§ **WORK REQUEST**
For each line in the records that contains "předměty", make a copy.
START EXTRACTED RECORDS
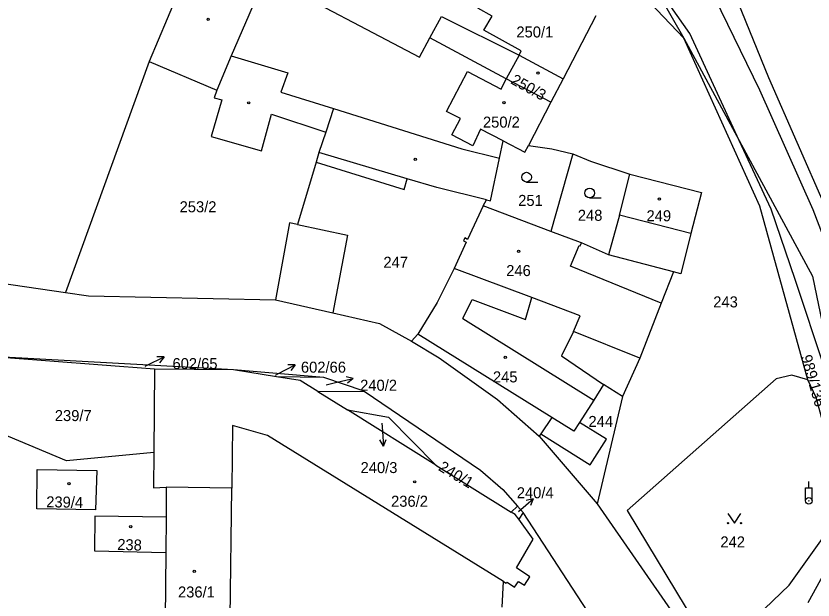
# Model space of a CAD drawing. Extents: x -757266 to -753360, y -1162585 to -1157740.
# Drawn here: x -755076.1 to -754953.1, y -1161480 to -1161389.8 of the extents above; entities that cross this region are included whole.
import ezdxf

# ---------------------------------------------------------------- set-up
doc = ezdxf.new("R2010")
doc.units = 0
for name, color, linetype in [('Hranice parcel', 7, 'Continuous'), ('Parcelní čísla', 7, 'Continuous'), ('Pop  PČ popisy', 7, 'Continuous'), ('Poz předměty', 7, 'Continuous'), ('Vnitřní kresba', 7, 'Continuous'), ('Značky budov', 7, 'Continuous'), ('Značky kultur', 7, 'Continuous')]:
    doc.layers.add(name, color=color, linetype=linetype)

msp = doc.modelspace()

# ---------------------------------------------------------------- linework, layer by layer
at = {"layer": 'Hranice parcel'}
for p, q in [((-755048.2, -1161379.47), (-755055.56, -1161396.89)), ((-754979.4, -1161382.11), (-754973.01, -1161393.26)), ((-754986.59, -1161389.82), (-754991.63, -1161399.56)), ((-755055.56, -1161396.89), (-755068.43, -1161432.57)), ((-754991.63, -1161399.56), (-754993.55, -1161403.18)), ((-754993.55, -1161403.18), (-754997, -1161409.84)), ((-754990.14, -1161411.15), (-754993.55, -1161423.12)), ((-754982.98, -1161420.63), (-754981.34, -1161414.29)), ((-755004.02, -1161419.18), (-755003.49, -1161418.25)), ((-754993.55, -1161423.12), (-755004.02, -1161419.18)), ((-754971.94, -1161423.45), (-754982.98, -1161420.63)), ((-755042.52, -1161444.48), (-755081.11, -1161442.37)), ((-755054.7, -1161444.4), (-755081.11, -1161442.37)), ((-754979.84, -1161442.68), (-754982.48, -1161448.61)), ((-755054.7, -1161444.4), (-755054.84, -1161457.25)), ((-755042.52, -1161444.48), (-755054.7, -1161444.4)), ((-755028.6, -1161445.65), (-755042.52, -1161444.48)), ((-755035.91, -1161445.56), (-755042.52, -1161444.48)), ((-755028.6, -1161445.65), (-755035.91, -1161445.56)), ((-755022.34, -1161447.76), (-755028.6, -1161445.65)), ((-755029.52, -1161447.84), (-755022.34, -1161447.76)), ((-755029.52, -1161447.84), (-755024.95, -1161450.69)), ((-754982.48, -1161448.61), (-754986.4, -1161465.19)), ((-755011.3, -1161459.19), (-755024.95, -1161450.69)), ((-754995.37, -1161454.74), (-754986.4, -1161465.19)), ((-755011.3, -1161459.19), (-754999.67, -1161466.44)), ((-755052.93, -1161462.61), (-755052.94, -1161467.24)), ((-754998.72, -1161465.52), (-754999.67, -1161466.44)), ((-754997.85, -1161466.5), (-754998.72, -1161465.52)), ((-754986.4, -1161465.19), (-754969.21, -1161489.94)), ((-755052.94, -1161467.24), (-755052.95, -1161472.69)), ((-754997.85, -1161466.5), (-754998.51, -1161467.56)), ((-754978.62, -1161495.89), (-754997.85, -1161466.5)), ((-755052.95, -1161472.69), (-755053.17, -1161489.72)), ((-755001.04, -1161481.14), (-755000.88, -1161477.19))]:
    msp.add_line(p, q, dxfattribs=at)
for points in [[(-754973.01, -1161393.26), (-754992.87, -1161372.36), (-755014.97, -1161353.78), (-755031.64, -1161333.48)], [(-755013.14, -1161343.79), (-754982.7, -1161367.02), (-754964.72, -1161387.71), (-754959.99, -1161399.35), (-754951.21, -1161419.33), (-754946.51, -1161428.67)], [(-755048.2, -1161379.47), (-755037.56, -1161383.7), (-755013.83, -1161396.2), (-755012.21, -1161393.22)], [(-755012.21, -1161393.22), (-755010.42, -1161389.94), (-754998.45, -1161395.88), (-754991.63, -1161399.56)], [(-754993.55, -1161403.18), (-755000.43, -1161399.58), (-755012.21, -1161393.22)], [(-754953.91, -1161446.03), (-754961.29, -1161419.21), (-754973.01, -1161393.26)], [(-754973.01, -1161393.26), (-754964.47, -1161409.1), (-754953.18, -1161430.02), (-754949.55, -1161447.4), (-754946.29, -1161464.12)], [(-755191.52, -1161394.71), (-755190.39, -1161394.84), (-755136.4, -1161414.19), (-755092.74, -1161429.01), (-755068.43, -1161432.57)], [(-755055.56, -1161396.89), (-755045.08, -1161401.31), (-755045.52, -1161402.47), (-755044.33, -1161402.81), (-755045.95, -1161408.44), (-755038.18, -1161410.68), (-755036.65, -1161405.03), (-755028.27, -1161407.81), (-755029.34, -1161410.94)], [(-755003.49, -1161418.25), (-755002.86, -1161418.4), (-755001.48, -1161411.8), (-755000.92, -1161409.13), (-754997.56, -1161410.87), (-754997, -1161409.84)], [(-754997, -1161409.84), (-754993.42, -1161410.38), (-754990.14, -1161411.15)], [(-755029.34, -1161410.94), (-755029.78, -1161412.42), (-755032.63, -1161422.04), (-755033.86, -1161421.77), (-755036.04, -1161433.7)], [(-755003.49, -1161418.25), (-755011.15, -1161416.35), (-755015.73, -1161414.99), (-755029.34, -1161410.94)], [(-754990.14, -1161411.15), (-754987.45, -1161412.29), (-754981.34, -1161414.29)], [(-754981.34, -1161414.29), (-754970.29, -1161417.11), (-754971.94, -1161423.45)], [(-755004.02, -1161419.18), (-755006.39, -1161424.34), (-755006.84, -1161424.13), (-755007.05, -1161424.57), (-755006.6, -1161424.78), (-755008.46, -1161428.84)], [(-754982.98, -1161420.63), (-754984.68, -1161426.71), (-754988.81, -1161424.9), (-754989, -1161424.83), (-754993.55, -1161423.12)], [(-754971.94, -1161423.45), (-754973.49, -1161429.65), (-754974.61, -1161429.35), (-754976.53, -1161434.21), (-754979.84, -1161442.68)], [(-755008.46, -1161428.84), (-755011.08, -1161434.1), (-755014.1, -1161438.97), (-755015.04, -1161440.07)], [(-754979.84, -1161442.68), (-754990.07, -1161438.58), (-754989.02, -1161436.13), (-754996.47, -1161433.34), (-755008.46, -1161428.84)], [(-755068.43, -1161432.57), (-755064.89, -1161433.06), (-755036.04, -1161433.7)], [(-755036.04, -1161433.7), (-755027.2, -1161435.69), (-755020.01, -1161437.34), (-755015.04, -1161440.07)], [(-755015.04, -1161440.07), (-755010.8, -1161442.63), (-755001.79, -1161449.07), (-754995.37, -1161454.74)], [(-755029.52, -1161447.84), (-755032.24, -1161446.16), (-755035.91, -1161445.56)], [(-754953.91, -1161446.03), (-754956.35, -1161445.32), (-754958.79, -1161445.88), (-754981.78, -1161466.23), (-754968.18, -1161488.69)], [(-754951.1, -1161469.8), (-754949.73, -1161466.39), (-754949.35, -1161463.05), (-754949.71, -1161459.34), (-754952.59, -1161448.77), (-754953.91, -1161446.03)], [(-754982.48, -1161448.61), (-754985.43, -1161446.75), (-754986.91, -1161449.16), (-754989.15, -1161452.64), (-754990, -1161453.97), (-754993.42, -1161451.84), (-754995.09, -1161454.35), (-754995.37, -1161454.74)], [(-755022.34, -1161447.76), (-755004.4, -1161459.96), (-755000.98, -1161462.96), (-754998.72, -1161465.52)], [(-755024.95, -1161450.69), (-755018.59, -1161451.8), (-755011.3, -1161459.19)], [(-755054.84, -1161457.25), (-755068.32, -1161458.53), (-755084.64, -1161451.67)], [(-755000.88, -1161477.19), (-755037.27, -1161454.63), (-755040.14, -1161453.82), (-755042.68, -1161453.1), (-755042.78, -1161462.74), (-755052.93, -1161462.61)], [(-755054.84, -1161457.25), (-755054.89, -1161462.7), (-755052.93, -1161462.61)], [(-755072.86, -1161465.97), (-755072.8, -1161459.87), (-755063.61, -1161460.04), (-755063.8, -1161466.1), (-755072.86, -1161465.97)], [(-755052.94, -1161467.24), (-755063.93, -1161467.1), (-755064, -1161472.46), (-755052.95, -1161472.69)], [(-754998.51, -1161467.56), (-754999.04, -1161466.83), (-754999.67, -1161466.44)], [(-755000.88, -1161477.19), (-755000.46, -1161477.45), (-755000.31, -1161477.27), (-754999.14, -1161478.03), (-754998.57, -1161477.18), (-754997.64, -1161477.75), (-754996.81, -1161476.46), (-754998.87, -1161475.05), (-754996.29, -1161470.65), (-754998.51, -1161467.56)], [(-754968.18, -1161488.69), (-754956.77, -1161477.72), (-754951.1, -1161469.8)]]:
    msp.add_lwpolyline(points, dxfattribs=at)
at = {"layer": 'Pop  PČ popisy'}
for p, q in [((-755055.94, -1161443.81), (-755053.243, -1161442.494)), ((-755053.243, -1161442.494), (-755054.362, -1161442.483)), ((-755053.243, -1161442.494), (-755053.923, -1161443.384)), ((-755056.17, -1161443.93), (-755055.94, -1161443.81)), ((-755035.66, -1161445.1), (-755033.01, -1161443.691)), ((-755033.01, -1161443.691), (-755034.13, -1161443.719)), ((-755033.01, -1161443.691), (-755033.659, -1161444.603)), ((-755036.02, -1161445.3), (-755035.66, -1161445.1)), ((-755026.97, -1161446.52), (-755024.046, -1161445.845)), ((-755024.046, -1161445.845), (-755025.134, -1161445.582)), ((-755024.046, -1161445.845), (-755024.909, -1161446.558)), ((-755028.25, -1161446.82), (-755026.97, -1161446.52)), ((-755019.62, -1161452.74), (-755019.58, -1161453.29)), ((-755019.58, -1161453.29), (-755019.371, -1161456.284)), ((-755019.371, -1161456.284), (-755019.94, -1161455.32)), ((-755019.371, -1161456.284), (-755018.941, -1161455.25)), ((-754998.54, -1161466.35), (-754996.275, -1161464.381)), ((-754996.275, -1161464.381), (-754997.359, -1161464.66)), ((-754996.275, -1161464.381), (-754996.702, -1161465.416)), ((-754998.57, -1161466.38), (-754998.54, -1161466.35))]:
    msp.add_line(p, q, dxfattribs=at)
at = {"layer": 'Poz předměty'}
for p, q in [((-754953.75, -1161462.716), (-754953.75, -1161461.716)), ((-754954.25, -1161462.716), (-754953.25, -1161462.716)), ((-754954.25, -1161464.716), (-754954.25, -1161462.716)), ((-754953.25, -1161464.716), (-754953.25, -1161462.716))]:
    msp.add_line(p, q, dxfattribs=at)
for radius in [0.5, 0.0303]:
    msp.add_circle((-754953.75, -1161464.7176), radius, dxfattribs=at)
at = {"layer": 'Vnitřní kresba'}
for p, q in [((-754972.12, -1161392.56), (-754979.4, -1161382.11)), ((-755037.56, -1161383.7), (-755042.86, -1161395.99)), ((-754969.29, -1161384.92), (-754961.36, -1161401.24)), ((-755002.62, -1161389.87), (-755004.8, -1161388.66)), ((-755003.92, -1161392.06), (-755002.62, -1161389.87)), ((-754998.12, -1161395.22), (-755003.92, -1161392.06)), ((-754964.47, -1161409.1), (-754972.12, -1161392.56)), ((-754998.45, -1161395.88), (-755000.43, -1161399.58)), ((-754998.45, -1161395.88), (-754998.12, -1161395.22)), ((-755042.86, -1161395.99), (-755045.08, -1161401.31)), ((-755042.86, -1161395.99), (-755034.16, -1161398.63)), ((-755034.16, -1161398.63), (-755035.21, -1161401.6)), ((-755009.66, -1161404.61), (-755006.43, -1161398.44)), ((-755006.43, -1161398.44), (-755001.24, -1161401.15)), ((-755001.24, -1161401.15), (-755000.43, -1161399.58)), ((-755035.21, -1161401.6), (-755027.11, -1161404.15)), ((-754961.36, -1161401.24), (-754953.13, -1161419.71)), ((-755027.11, -1161404.15), (-755028.27, -1161407.81)), ((-755027.11, -1161404.15), (-755007.28, -1161410.36)), ((-755007.52, -1161405.66), (-755009.66, -1161404.61)), ((-755008.82, -1161408.22), (-755007.52, -1161405.66)), ((-755005.58, -1161409.89), (-755008.82, -1161408.22)), ((-755004.41, -1161407.32), (-755005.58, -1161409.89)), ((-755000.92, -1161409.13), (-755004.41, -1161407.32)), ((-754959.56, -1161419.7), (-754964.47, -1161409.1)), ((-755007.28, -1161410.36), (-755001.48, -1161411.8)), ((-755029.78, -1161412.42), (-755016.21, -1161416.65)), ((-755016.21, -1161416.65), (-755015.73, -1161414.99)), ((-754955.84, -1161430.53), (-754959.56, -1161419.7)), ((-754953.13, -1161419.71), (-754948.58, -1161431.71)), ((-755032.63, -1161422.04), (-755024.94, -1161423.72)), ((-755024.94, -1161423.72), (-755027.2, -1161435.69)), ((-754990.54, -1161428.48), (-754989.19, -1161425.27)), ((-754989.19, -1161425.27), (-754989.05, -1161425.32)), ((-754989.05, -1161425.32), (-754988.81, -1161424.9)), ((-754974.61, -1161429.35), (-754984.68, -1161426.71)), ((-754976.53, -1161434.21), (-754990.54, -1161428.48)), ((-754951.26, -1161444.31), (-754955.84, -1161430.53)), ((-755007.12, -1161436.57), (-755005.7, -1161433.65)), ((-755005.7, -1161433.65), (-754997.47, -1161436.71)), ((-754997.47, -1161436.71), (-754996.47, -1161433.34)), ((-755007.12, -1161436.57), (-754986.91, -1161449.16)), ((-754993.42, -1161451.84), (-755014.1, -1161438.97)), ((-754990.07, -1161438.58), (-754991.91, -1161442.35)), ((-754991.91, -1161442.35), (-754985.43, -1161446.75)), ((-754984.98, -1161455.21), (-754989.15, -1161452.64)), ((-754995.09, -1161454.35), (-754987.51, -1161459.14)), ((-754987.51, -1161459.14), (-754984.98, -1161455.21)), ((-755043.05, -1161482.71), (-755042.78, -1161462.74)), ((-754953.86, -1161480.41), (-754948.59, -1161470.84))]:
    msp.add_line(p, q, dxfattribs=at)
at = {"layer": 'Značky budov'}
for centre in [(-755046.4368, -1161390.3692), (-754995.5368, -1161398.6692), (-755040.1768, -1161403.2592), (-755000.7968, -1161403.2492), (-755014.4668, -1161411.9692), (-754976.8068, -1161418.1292), (-754998.5368, -1161426.1892), (-755000.5968, -1161442.5492), (-755067.9268, -1161462.0592), (-755014.5568, -1161461.7792), (-755058.3768, -1161468.7192), (-755048.5768, -1161475.5892)]:
    msp.add_circle(centre, 0.175, dxfattribs=at)
at = {"layer": 'Značky kultur'}
for p, q in [((-754997.303, -1161415.49), (-754995.553, -1161415.49)), ((-754987.563, -1161417.95), (-754985.813, -1161417.95))]:
    msp.add_line(p, q, dxfattribs=at)
msp.add_lwpolyline([(-754966.22, -1161466.659), (-754965.22, -1161468.16), (-754964.22, -1161466.659)], dxfattribs=at)
for centre, radius in [((-754997.3029, -1161414.7398), 0.75), ((-754987.5629, -1161417.1998), 0.75), ((-754966.22, -1161468.1595), 0.1), ((-754964.22, -1161468.1595), 0.1)]:
    msp.add_circle(centre, radius, dxfattribs=at)

# ---------------------------------------------------------------- texts
at = {"layer": 'Parcelní čísla'}
for s, p in [('250/1', (-754998.87, -1161393.17)), ('250/2', (-755004.03, -1161407.09)), ('251', (-754998.59, -1161419.18)), ('253/2', (-755050.84, -1161420.16)), ('248', (-754989.39, -1161421.48)), ('249', (-754978.79, -1161421.55)), ('247', (-755019.39, -1161428.73)), ('246', (-755000.44, -1161430.01)), ('243', (-754968.49, -1161434.85)), ('602/65', (-755051.94, -1161444.378)), ('602/66', (-755032.12, -1161444.928)), ('245', (-755002.49, -1161446.43)), ('240/2', (-755022.98, -1161447.718)), ('239/7', (-755070.1, -1161452.4)), ('244', (-754987.75, -1161453.31)), ('240/3', (-755022.917, -1161460.428)), ('240/4', (-754998.81, -1161464.32)), ('236/2', (-755018.21, -1161465.63)), ('242', (-754967.39, -1161471.91)), ('236/1', (-755051.09, -1161479.64))]:
    msp.add_text(s, height=1.7, dxfattribs=at).set_placement(p)
for s, rotation, p in [('250/3', 331, (-754999.872, -1161400.213)), ('989/136', 286, (-754954.987, -1161442.444)), ('240/1', 329, (-755011.037, -1161459.918)), ('239/4', 359, (-755071.434, -1161465.709)), ('238', 358, (-755060.489, -1161472.279))]:
    msp.add_text(s, height=1.7, rotation=rotation, dxfattribs=at).set_placement(p)

doc.saveas('drawing.dxf')
END EXTRACTED RECORDS
§ **RESPONSE TO THIS TASK**
for name, color, linetype in [('Hranice parcel', 7, 'Continuous'), ('Parcelní čísla', 7, 'Continuous'), ('Pop  PČ popisy', 7, 'Continuous'), ('Poz předměty', 7, 'Continuous'), ('Vnitřní kresba', 7, 'Continuous'), ('Značky budov', 7, 'Continuous'), ('Značky kultur', 7, 'Continuous')]:
at = {"layer": 'Poz předměty'}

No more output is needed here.